TASK STATEMENT:
What you return should be each line of the data containing the string "origin".

EXTRACTED RECORDS:
▶

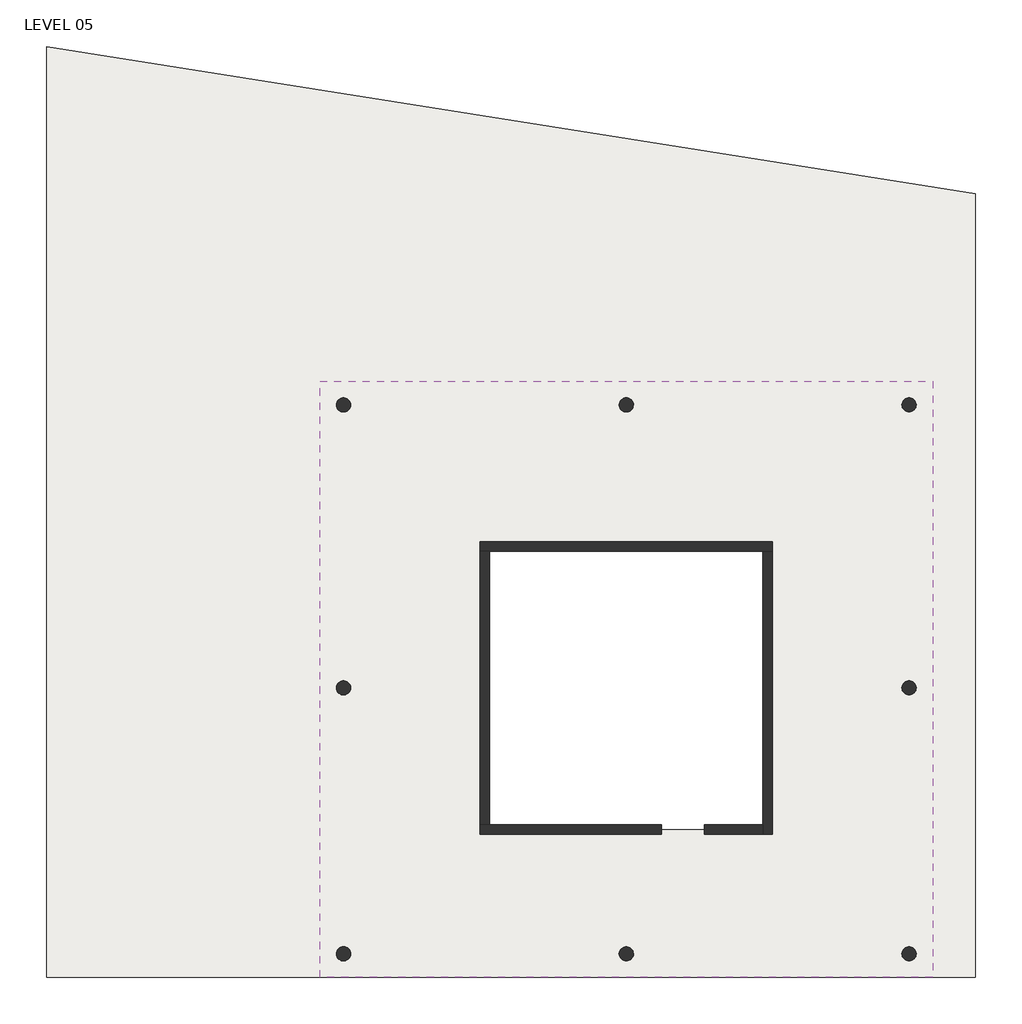
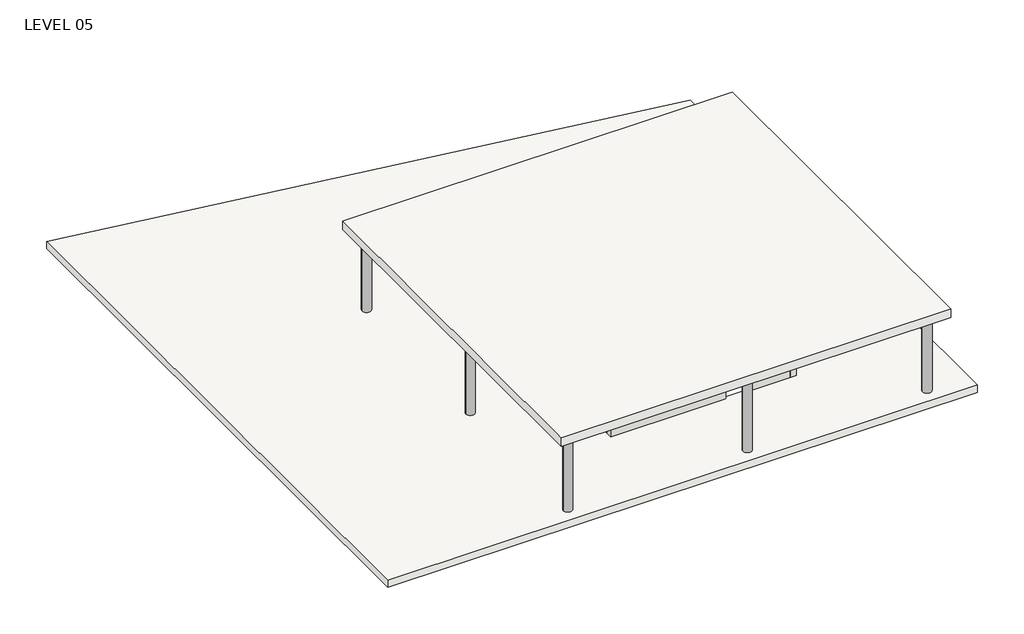
# One storey: 8 columns, 4 beams, 4 walls, 2 slabs.
"""IFC4 building model written with IfcOpenShell, lengths in millimetres."""

from ifc_helpers import new_model, si_unit, point, frame, frame_2d, origin, place, context, project, spatial, polyline, circle_curve, trimmed, segment, composite_curve, outline, extrude, faceted_brep, element, save

model = new_model("IFC4")

# Units and contexts
model_context = context("Model", 3, world=origin())
ifc_project = project(units=[si_unit("LENGTHUNIT", "METRE", prefix="MILLI")], contexts=[model_context])

# Site, building, storey
site = spatial("IfcSite", under=ifc_project)
building = spatial("IfcBuilding", under=site)
storey = spatial("IfcBuildingStorey", under=building, Name="LEVEL 05", Elevation=15000.0)

# Beams
placement = place(None, origin())
element("IfcBeam", 1, ObjectType="BHm_StructuralFraming_Concrete-RectangularBeam : 300x500 DP RC BEAM", at=placement, inside=storey, context=model_context, shape_type="SweptSolid", body=[
    extrude(outline(composite_curve([segment(polyline([(-15925.1680269, 21640.7845261), (-15925.1680269, 14640.7845261)]), True, "CONTINUOUS"), segment(trimmed(circle_curve(frame_2d((-16075.1680269, 14640.7845261)), 150.0), [point((-15925.1680269, 14640.7845261))], [point((-16225.1680269, 14640.7845261))], True, "CARTESIAN"), True, "CONTINUOUS"), segment(polyline([(-16225.1680269, 14640.7845261), (-16225.1680269, 21640.7845261)]), True, "CONTINUOUS"), segment(trimmed(circle_curve(frame_2d((-16075.1680269, 21640.7845261)), 150.0), [point((-16225.1680269, 21640.7845261))], [point((-15925.1680269, 21640.7845261))], True, "CARTESIAN"), True, "CONTINUOUS")], self_intersect=False)), frame((0.0, 0.0, 14500.0), z_axis=(0.0, 0.0, 1.0), x_axis=(1.0, 0.0, 0.0)), (0.0, 0.0, 1.0), 250.0),
])
element("IfcBeam", 2, ObjectType="BHm_StructuralFraming_Concrete-RectangularBeam : 300x500 DP RC BEAM", at=placement, inside=storey, context=model_context, shape_type="SweptSolid", body=[
    extrude(outline(composite_curve([segment(polyline([(-10925.1680269, 20840.7845261), (-10925.1680269, 14940.7845261), (-11225.1680269, 14940.7845261), (-11225.1680269, 20840.7845261)]), True, "CONTINUOUS"), segment(trimmed(circle_curve(frame_2d((-11075.1680269, 20840.7845261)), 150.0), [point((-11225.1680269, 20840.7845261))], [point((-10925.1680269, 20840.7845261))], True, "CARTESIAN"), True, "CONTINUOUS")], self_intersect=False)), frame((0.0, 0.0, 14500.0), z_axis=(0.0, 0.0, 1.0), x_axis=(1.0, 0.0, 0.0)), (0.0, 0.0, 1.0), 250.0),
])
element("IfcBeam", 3, ObjectType="BHm_StructuralFraming_Concrete-RectangularBeam : 300x500 DP RC BEAM", at=placement, inside=storey, context=model_context, shape_type="SweptSolid", body=[
    extrude(outline(composite_curve([segment(polyline([(-4925.1680269, 19840.7845261), (-4925.1680269, 14940.7845261), (-5225.1680269, 14940.7845261), (-5225.1680269, 19840.7845261)]), True, "CONTINUOUS"), segment(trimmed(circle_curve(frame_2d((-5075.1680269, 19840.7845261)), 150.0), [point((-5225.1680269, 19840.7845261))], [point((-4925.1680269, 19840.7845261))], True, "CARTESIAN"), True, "CONTINUOUS")], self_intersect=False)), frame((0.0, 0.0, 14500.0), z_axis=(0.0, 0.0, 1.0), x_axis=(1.0, 0.0, 0.0)), (0.0, 0.0, 1.0), 250.0),
])
element("IfcBeam", 4, ObjectType="BHm_StructuralFraming_Concrete-RectangularBeam : 300x500 DP RC BEAM", at=placement, inside=storey, context=model_context, shape_type="SweptSolid", body=[
    extrude(outline(composite_curve([segment(polyline([(1074.8319731, 18940.7845261), (1074.8319731, 14640.7845261)]), True, "CONTINUOUS"), segment(trimmed(circle_curve(frame_2d((924.8319731, 14640.7845261)), 150.0), [point((1074.8319731, 14640.7845261))], [point((774.8319731, 14640.7845261))], True, "CARTESIAN"), True, "CONTINUOUS"), segment(polyline([(774.8319731, 14640.7845261), (774.8319731, 18940.7845261)]), True, "CONTINUOUS"), segment(trimmed(circle_curve(frame_2d((924.8319731, 18940.7845261)), 150.0), [point((774.8319731, 18940.7845261))], [point((1074.8319731, 18940.7845261))], True, "CARTESIAN"), True, "CONTINUOUS")], self_intersect=False)), frame((0.0, 0.0, 14500.0), z_axis=(0.0, 0.0, 1.0), x_axis=(1.0, 0.0, 0.0)), (0.0, 0.0, 1.0), 250.0),
])

# Columns
element("IfcColumn", 5, ObjectType="BHm_StructuralColumns_ConcreteRound : 300 Ø RC COL", at=placement, inside=storey, context=model_context, shape_type="SweptSolid", body=[
    extrude(outline(composite_curve([segment(trimmed(circle_curve(frame_2d((-11075.1680269, 14640.7845261)), 150.0), [point((-11225.1680269, 14640.7845261))], [point((-10925.1680269, 14640.7845261))], False, "CARTESIAN"), True, "CONTINUOUS"), segment(trimmed(circle_curve(frame_2d((-11075.1680269, 14640.7845261)), 150.0), [point((-10925.1680269, 14640.7845261))], [point((-11225.1680269, 14640.7845261))], False, "CARTESIAN"), True, "CONTINUOUS")], self_intersect=False)), frame((0.0, 0.0, 15000.0), z_axis=(0.0, 0.0, 1.0), x_axis=(1.0, 0.0, 0.0)), (0.0, 0.0, 1.0), 2700.0),
])
element("IfcColumn", 6, ObjectType="BHm_StructuralColumns_ConcreteRound : 300 Ø RC COL", at=placement, inside=storey, context=model_context, shape_type="SweptSolid", body=[
    extrude(outline(composite_curve([segment(trimmed(circle_curve(frame_2d((-11075.1680269, 8640.7845261)), 150.0), [point((-11225.1680269, 8640.7845261))], [point((-10925.1680269, 8640.7845261))], False, "CARTESIAN"), True, "CONTINUOUS"), segment(trimmed(circle_curve(frame_2d((-11075.1680269, 8640.7845261)), 150.0), [point((-10925.1680269, 8640.7845261))], [point((-11225.1680269, 8640.7845261))], False, "CARTESIAN"), True, "CONTINUOUS")], self_intersect=False)), frame((0.0, 0.0, 15000.0), z_axis=(0.0, 0.0, 1.0), x_axis=(1.0, 0.0, 0.0)), (0.0, 0.0, 1.0), 2700.0),
])
element("IfcColumn", 7, ObjectType="BHm_StructuralColumns_ConcreteRound : 300 Ø RC COL", at=placement, inside=storey, context=model_context, shape_type="SweptSolid", body=[
    extrude(outline(composite_curve([segment(trimmed(circle_curve(frame_2d((-5075.1680269, 3000.0)), 150.0), [point((-5225.1680269, 3000.0))], [point((-4925.1680269, 3000.0))], False, "CARTESIAN"), True, "CONTINUOUS"), segment(trimmed(circle_curve(frame_2d((-5075.1680269, 3000.0)), 150.0), [point((-4925.1680269, 3000.0))], [point((-5225.1680269, 3000.0))], False, "CARTESIAN"), True, "CONTINUOUS")], self_intersect=False)), frame((0.0, 0.0, 15000.0), z_axis=(0.0, 0.0, 1.0), x_axis=(1.0, 0.0, 0.0)), (0.0, 0.0, 1.0), 2700.0),
])
element("IfcColumn", 8, ObjectType="BHm_StructuralColumns_ConcreteRound : 300 Ø RC COL", at=placement, inside=storey, context=model_context, shape_type="SweptSolid", body=[
    extrude(outline(composite_curve([segment(trimmed(circle_curve(frame_2d((-5075.1680269, 14640.7845261)), 150.0), [point((-5225.1680269, 14640.7845261))], [point((-4925.1680269, 14640.7845261))], False, "CARTESIAN"), True, "CONTINUOUS"), segment(trimmed(circle_curve(frame_2d((-5075.1680269, 14640.7845261)), 150.0), [point((-4925.1680269, 14640.7845261))], [point((-5225.1680269, 14640.7845261))], False, "CARTESIAN"), True, "CONTINUOUS")], self_intersect=False)), frame((0.0, 0.0, 15000.0), z_axis=(0.0, 0.0, 1.0), x_axis=(1.0, 0.0, 0.0)), (0.0, 0.0, 1.0), 2700.0),
])
element("IfcColumn", 9, ObjectType="BHm_StructuralColumns_ConcreteRound : 300 Ø RC COL", at=placement, inside=storey, context=model_context, shape_type="SweptSolid", body=[
    extrude(outline(composite_curve([segment(trimmed(circle_curve(frame_2d((924.8319731, 14640.7845261)), 150.0), [point((774.8319731, 14640.7845261))], [point((1074.8319731, 14640.7845261))], False, "CARTESIAN"), True, "CONTINUOUS"), segment(trimmed(circle_curve(frame_2d((924.8319731, 14640.7845261)), 150.0), [point((1074.8319731, 14640.7845261))], [point((774.8319731, 14640.7845261))], False, "CARTESIAN"), True, "CONTINUOUS")], self_intersect=False)), frame((0.0, 0.0, 15000.0), z_axis=(0.0, 0.0, 1.0), x_axis=(1.0, 0.0, 0.0)), (0.0, 0.0, 1.0), 2700.0),
])
element("IfcColumn", 10, ObjectType="BHm_StructuralColumns_ConcreteRound : 300 Ø RC COL", at=placement, inside=storey, context=model_context, shape_type="SweptSolid", body=[
    extrude(outline(composite_curve([segment(trimmed(circle_curve(frame_2d((924.8319731, 8640.7845261)), 150.0), [point((774.8319731, 8640.7845261))], [point((1074.8319731, 8640.7845261))], False, "CARTESIAN"), True, "CONTINUOUS"), segment(trimmed(circle_curve(frame_2d((924.8319731, 8640.7845261)), 150.0), [point((1074.8319731, 8640.7845261))], [point((774.8319731, 8640.7845261))], False, "CARTESIAN"), True, "CONTINUOUS")], self_intersect=False)), frame((0.0, 0.0, 15000.0), z_axis=(0.0, 0.0, 1.0), x_axis=(1.0, 0.0, 0.0)), (0.0, 0.0, 1.0), 2700.0),
])
element("IfcColumn", 11, ObjectType="BHm_StructuralColumns_ConcreteRound : 300 Ø RC COL", at=placement, inside=storey, context=model_context, shape_type="SweptSolid", body=[
    extrude(outline(composite_curve([segment(trimmed(circle_curve(frame_2d((924.8319731, 3000.0)), 150.0), [point((774.8319731, 3000.0))], [point((1074.8319731, 3000.0))], False, "CARTESIAN"), True, "CONTINUOUS"), segment(trimmed(circle_curve(frame_2d((924.8319731, 3000.0)), 150.0), [point((1074.8319731, 3000.0))], [point((774.8319731, 3000.0))], False, "CARTESIAN"), True, "CONTINUOUS")], self_intersect=False)), frame((0.0, 0.0, 15000.0), z_axis=(0.0, 0.0, 1.0), x_axis=(1.0, 0.0, 0.0)), (0.0, 0.0, 1.0), 2700.0),
])
element("IfcColumn", 12, ObjectType="BHm_StructuralColumns_ConcreteRound : 300 Ø RC COL", at=placement, inside=storey, context=model_context, shape_type="SweptSolid", body=[
    extrude(outline(composite_curve([segment(trimmed(circle_curve(frame_2d((-11075.1680269, 3000.0)), 150.0), [point((-11225.1680269, 3000.0))], [point((-10925.1680269, 3000.0))], False, "CARTESIAN"), True, "CONTINUOUS"), segment(trimmed(circle_curve(frame_2d((-11075.1680269, 3000.0)), 150.0), [point((-10925.1680269, 3000.0))], [point((-11225.1680269, 3000.0))], False, "CARTESIAN"), True, "CONTINUOUS")], self_intersect=False)), frame((0.0, 0.0, 15000.0), z_axis=(0.0, 0.0, 1.0), x_axis=(1.0, 0.0, 0.0)), (0.0, 0.0, 1.0), 2700.0),
])

# Slabs
element("IfcSlab", 13, ObjectType="250 THK RC SLAB", at=placement, inside=storey, context=model_context, shape_type="SweptSolid", body=[
    extrude(outline(polyline([(2324.8319731, 19120.6110517), (2324.8319731, 2500.0), (-17375.1680269, 2500.0), (-17375.1680269, 22240.7845261), (2324.8319731, 19120.6110517)]), holes=[polyline([(-2075.1680269, 11640.7845261), (-8075.1680269, 11640.7845261), (-8075.1680269, 5640.7845261), (-2075.1680269, 5640.7845261), (-2075.1680269, 11640.7845261)])]), frame((0.0, 0.0, 14750.0), z_axis=(0.0, 0.0, 1.0), x_axis=(1.0, 0.0, 0.0)), (0.0, 0.0, 1.0), 250.0),
])
element("IfcSlab", 14, ObjectType="300 THK RC SLAB", at=placement, inside=storey, context=model_context, shape_type="SweptSolid", body=[
    extrude(outline(polyline([(1424.8319731, 15140.7845261), (1424.8319731, 2500.0), (-11575.1680269, 2500.0), (-11575.1680269, 15140.7845261), (1424.8319731, 15140.7845261)])), frame((0.0, 0.0, 17700.0), z_axis=(0.0, 0.0, 1.0), x_axis=(1.0, 0.0, 0.0)), (0.0, 0.0, 1.0), 300.0),
])

# Walls
element("IfcWall", 15, ObjectType="200 THK R.C. WALL", at=placement, inside=storey, context=model_context, shape_type="Brep", body=[
    faceted_brep([(-8175.1680269, 11540.7845261, 15000.0), (-7975.1680269, 11540.7845261, 15000.0), (-2175.1680269, 11540.7845261, 15000.0), (-1975.1680269, 11540.7845261, 15000.0), (-1975.1680269, 11540.7845261, 17700.0), (-2175.1680269, 11540.7845261, 17700.0), (-7975.1680269, 11540.7845261, 17700.0), (-8175.1680269, 11540.7845261, 17700.0), (-8175.1680269, 11740.7845261, 15000.0), (-8175.1680269, 11740.7845261, 17700.0), (-1975.1680269, 11740.7845261, 17700.0), (-1975.1680269, 11740.7845261, 15000.0)], [[[0, 1, 2, 3, 4, 5, 6, 7]], [[8, 9, 10, 11]], [[3, 2, 1, 0, 8, 11]], [[4, 3, 11, 10]], [[0, 7, 9, 8]], [[7, 6, 5, 4, 10, 9]]]),
])
element("IfcWall", 16, ObjectType="200 THK R.C. WALL", at=placement, inside=storey, context=model_context, shape_type="Brep", body=[
    faceted_brep([(-2175.1680269, 11540.7845261, 15000.0), (-2175.1680269, 5740.7845261, 15000.0), (-2175.1680269, 5540.7845261, 15000.0), (-2175.1680269, 5540.7845261, 17700.0), (-2175.1680269, 5740.7845261, 17700.0), (-2175.1680269, 11540.7845261, 17700.0), (-1975.1680269, 11540.7845261, 15000.0), (-1975.1680269, 11540.7845261, 17700.0), (-1975.1680269, 5540.7845261, 17700.0), (-1975.1680269, 5540.7845261, 15000.0)], [[[0, 1, 2, 3, 4, 5]], [[6, 7, 8, 9]], [[2, 1, 0, 6, 9]], [[0, 5, 7, 6]], [[3, 2, 9, 8]], [[5, 4, 3, 8, 7]]]),
])
element("IfcWall", 17, ObjectType="200 THK R.C. WALL", at=placement, inside=storey, context=model_context, shape_type="Brep", body=[
    faceted_brep([(-2175.1680269, 5740.7845261, 15000.0), (-3417.6680269, 5740.7845261, 15000.0), (-3417.6680269, 5740.7845261, 17100.0), (-4332.6680269, 5740.7845261, 17100.0), (-4332.6680269, 5740.7845261, 15000.0), (-7975.1680269, 5740.7845261, 15000.0), (-8175.1680269, 5740.7845261, 15000.0), (-8175.1680269, 5740.7845261, 17700.0), (-7975.1680269, 5740.7845261, 17700.0), (-2175.1680269, 5740.7845261, 17700.0), (-3417.6680269, 5540.7845261, 17100.0), (-3417.6680269, 5540.7845261, 15000.0), (-2175.1680269, 5540.7845261, 15000.0), (-2175.1680269, 5540.7845261, 17700.0), (-8175.1680269, 5540.7845261, 17700.0), (-8175.1680269, 5540.7845261, 15000.0), (-4332.6680269, 5540.7845261, 15000.0), (-4332.6680269, 5540.7845261, 17100.0)], [[[0, 1, 2, 3, 4, 5, 6, 7, 8, 9]], [[10, 11, 12, 13, 14, 15, 16, 17]], [[16, 15, 6, 5, 4]], [[12, 11, 1, 0]], [[0, 9, 13, 12]], [[7, 6, 15, 14]], [[4, 3, 17, 16]], [[2, 1, 11, 10]], [[3, 2, 10, 17]], [[9, 8, 7, 14, 13]]]),
])
element("IfcWall", 18, ObjectType="200 THK R.C. WALL", at=placement, inside=storey, context=model_context, shape_type="SweptSolid", body=[
    extrude(outline(polyline([(-7975.1680269, 11540.7845261), (-7975.1680269, 5740.7845261), (-8175.1680269, 5740.7845261), (-8175.1680269, 11540.7845261), (-7975.1680269, 11540.7845261)])), frame((0.0, 0.0, 15000.0), z_axis=(0.0, 0.0, 1.0), x_axis=(1.0, 0.0, 0.0)), (0.0, 0.0, 1.0), 2700.0),
])

save(model, "model.ifc")

# Revit data of these elements
# Type "BHm_StructuralFraming_Concrete-RectangularBeam : 300x500 DP RC BEAM"
#   Keynote = "E"
#   BHE_Width = 300.000 mm
#   BHE_Length [instance default] = 1524.000 mm
#   BHE_Height = 500.000 mm
#   Length [instance default] = 1524.000 mm
#   b = 300.000 mm
#   h = 500.000 mm
#   Structural Material [instance default] = none
#   Assembly Code = ""
# Type "BHm_StructuralColumns_ConcreteRound : 300 Ø RC COL"
#   Keynote = "E"
#   b = 300.000 mm
#   BHE_Length [instance default] = 2500.000 mm
#   BHE_Diameter = 300.000 mm
#   Structural Material [instance default] = none
# Type "250 THK RC SLAB"
#   Function = 0
#   Layers, outside or top first: 250.000 mm "BHE_Concrete - Cast In-Place" (function 1)
# Type "300 THK RC SLAB"
#   Function = 0
#   Layers, outside or top first: 300.000 mm "BHE_Concrete - Cast In-Place" (function 1)
# Type "200 THK R.C. WALL"
#   Layers, outside or top first: 200.000 mm "BHE_Concrete - Cast In-Place" (function 1)
# Element 1 (IfcBeam, "BHm_StructuralFraming_Concrete-RectangularBeam : 300x500 DP RC BEAM")
#   Comments = ""
#   BHE_Length = 7000.000 mm
#   Structural Material = none
#   Phase Created = New Construction
#   Materials on its faces: "BHE_Concrete - Cast In-Place"
# Element 2 (IfcBeam, "BHm_StructuralFraming_Concrete-RectangularBeam : 300x500 DP RC BEAM")
#   Comments = ""
#   BHE_Length = 6200.000 mm
#   Structural Material = none
#   Phase Created = New Construction
#   Materials on its faces: "BHE_Concrete - Cast In-Place"
# Element 3 (IfcBeam, "BHm_StructuralFraming_Concrete-RectangularBeam : 300x500 DP RC BEAM")
#   Comments = ""
#   BHE_Length = 5200.000 mm
#   Structural Material = none
#   Phase Created = New Construction
#   Materials on its faces: "BHE_Concrete - Cast In-Place"
# Element 4 (IfcBeam, "BHm_StructuralFraming_Concrete-RectangularBeam : 300x500 DP RC BEAM")
#   Comments = ""
#   BHE_Length = 4300.000 mm
#   Structural Material = none
#   Phase Created = New Construction
#   Materials on its faces: "BHE_Concrete - Cast In-Place"
# Elements 5, 6, 7, 8, 9, 10, 11, 12 (IfcColumn, "BHm_StructuralColumns_ConcreteRound : 300 Ø RC COL")
#   Comments = ""
#   Structural Material = none
#   Phase Created = New Construction
#   Materials on its faces: "BHE_Concrete - Cast In-Place"
# Element 13 (IfcSlab, "250 THK RC SLAB")
#   Comments = ""
#   built-in parameter 1001955 = -0.15708 (stored number, unit not read)
#   Height Offset From Level = 0.000 mm
#   built-in parameter 1001954 = 1
#   Phase Created = New Construction
#   Materials on its faces: "BHE_Concrete - Cast In-Place"
# Element 14 (IfcSlab, "300 THK RC SLAB")
#   Comments = ""
#   Height Offset From Level = 3000.000 mm
#   built-in parameter 1001954 = 1
#   Phase Created = New Construction
#   Materials on its faces: "BHE_Concrete - Cast In-Place"
# Elements 15, 16, 17, 18 (IfcWall, "200 THK R.C. WALL")
#   Comments = ""
#   Top Offset = 3000.000 mm
#   Base Offset = 0.000 mm
#   wall height = 2700.000 mm
#   Phase Created = New Construction
#   Base Constraint = LEVEL 05
#   Top Constraint = LEVEL 05
#   Materials on its faces: "BHE_Concrete - Cast In-Place"
# Materials
#   "BHE_Concrete - Cast In-Place": class "Concrete", colour RGB 192 192 192, transparency 0, Cost = 0

◀

WRITTEN REPLY:
from ifc_helpers import new_model, si_unit, point, frame, frame_2d, origin, place, context, project, spatial, polyline, circle_curve, trimmed, segment, composite_curve, outline, extrude, faceted_brep, element, save
model_context = context("Model", 3, world=origin())
placement = place(None, origin())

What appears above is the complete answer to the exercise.